■ EXERCISE PROMPT
Output each entry below as it stands, leaving out every picture.
*** GIVEN RECORDS Section Begins ***
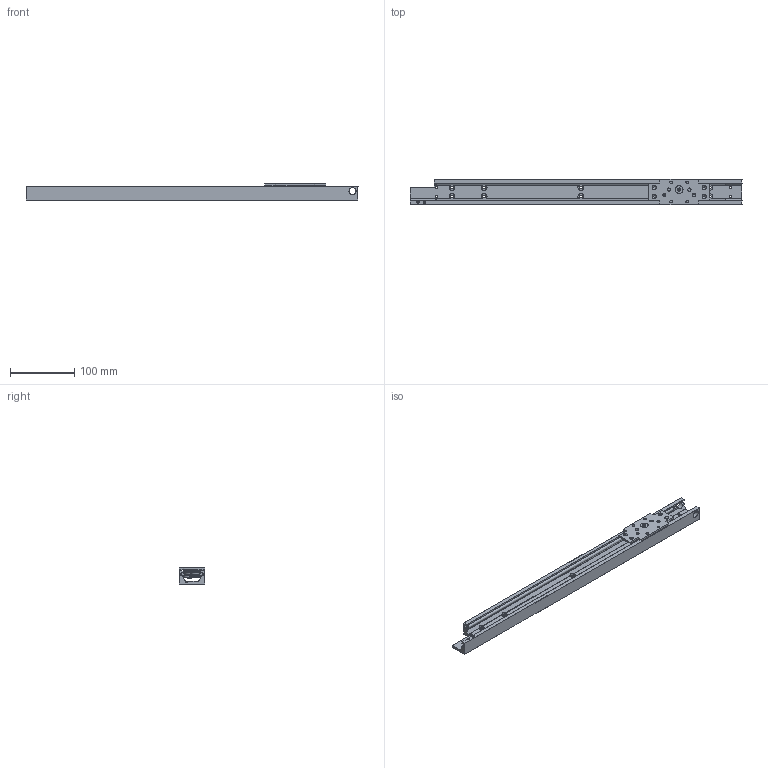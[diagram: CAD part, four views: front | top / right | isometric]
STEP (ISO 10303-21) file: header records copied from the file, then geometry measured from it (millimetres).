
FILE_DESCRIPTION((''),'1');
FILE_NAME('H:/図庫/国内ﾕﾆｯﾄ/ﾌﾙﾗｲﾄﾞ/ホームページ用ＣＡＤ図面/最新/3D/40SW0515S_HP.stp','2016-11-30T07:48:46',(''),(''),'Spatial Interop R21 SP3','Kubotek KeyCreator 2011 V10.0.2 (22737)',' ');
FILE_SCHEMA(('automotive_design'));
Length unit declared in the file: millimetre
Products named in the file (169): Unnamed[1]
Bounding box: 515 x 40 x 25.03 mm (x, y, z)
Surface area: 111349.8 mm2 (no closed solid volume)
Topology: 0 solids, 318 shells, 318 faces, 1435 edges, 1326 vertices
Faces by surface type: cylinder 140, plane 116, cone 37, bspline 19, torus 6
Full cylindrical faces by diameter (mm): 3 x3, 3.1 x4, 3.3 x2, 3.5 x4, 4 x4, 4.2 x8, 5 x5, 6 x4, 6.03 x2, 7 x3, 7.8 x3, 9 x8, 10 x3, 11 x4, 13 x1, 17 x4, 19.9 x2
Entity records: 25201 total; most frequent: CARTESIAN_POINT 6040, DIRECTION 2514, ORIENTED_EDGE 1310, EDGE_CURVE 1310, VERTEX_POINT 1310, AXIS2_PLACEMENT_3D 1076, PRESENTATION_STYLE_ASSIGNMENT 974, COLOUR_RGB 974
*** GIVEN RECORDS Section Ends ***
■ RESPONSE TO THE TASK
[diagram: CAD part, four views: front | top / right | isometric]
STEP (ISO 10303-21) file: header records copied from the file, then geometry measured from it (millimetres).
FILE_DESCRIPTION((''),'1');
FILE_NAME('H:/図庫/国内ﾕﾆｯﾄ/ﾌﾙﾗｲﾄﾞ/ホームページ用ＣＡＤ図面/最新/3D/40SW0515S_HP.stp','2016-11-30T07:48:46',(''),(''),'Spatial Interop R21 SP3','Kubotek KeyCreator 2011 V10.0.2 (22737)',' ');
FILE_SCHEMA(('automotive_design'));
Length unit declared in the file: millimetre
Products named in the file (169): Unnamed[1]
Bounding box: 515 x 40 x 25.03 mm (x, y, z)
Surface area: 111349.8 mm2 (no closed solid volume)
Topology: 0 solids, 318 shells, 318 faces, 1435 edges, 1326 vertices
Faces by surface type: cylinder 140, plane 116, cone 37, bspline 19, torus 6
Full cylindrical faces by diameter (mm): 3 x3, 3.1 x4, 3.3 x2, 3.5 x4, 4 x4, 4.2 x8, 5 x5, 6 x4, 6.03 x2, 7 x3, 7.8 x3, 9 x8, 10 x3, 11 x4, 13 x1, 17 x4, 19.9 x2
Entity records: 25201 total; most frequent: CARTESIAN_POINT 6040, DIRECTION 2514, ORIENTED_EDGE 1310, EDGE_CURVE 1310, VERTEX_POINT 1310, AXIS2_PLACEMENT_3D 1076, PRESENTATION_STYLE_ASSIGNMENT 974, COLOUR_RGB 974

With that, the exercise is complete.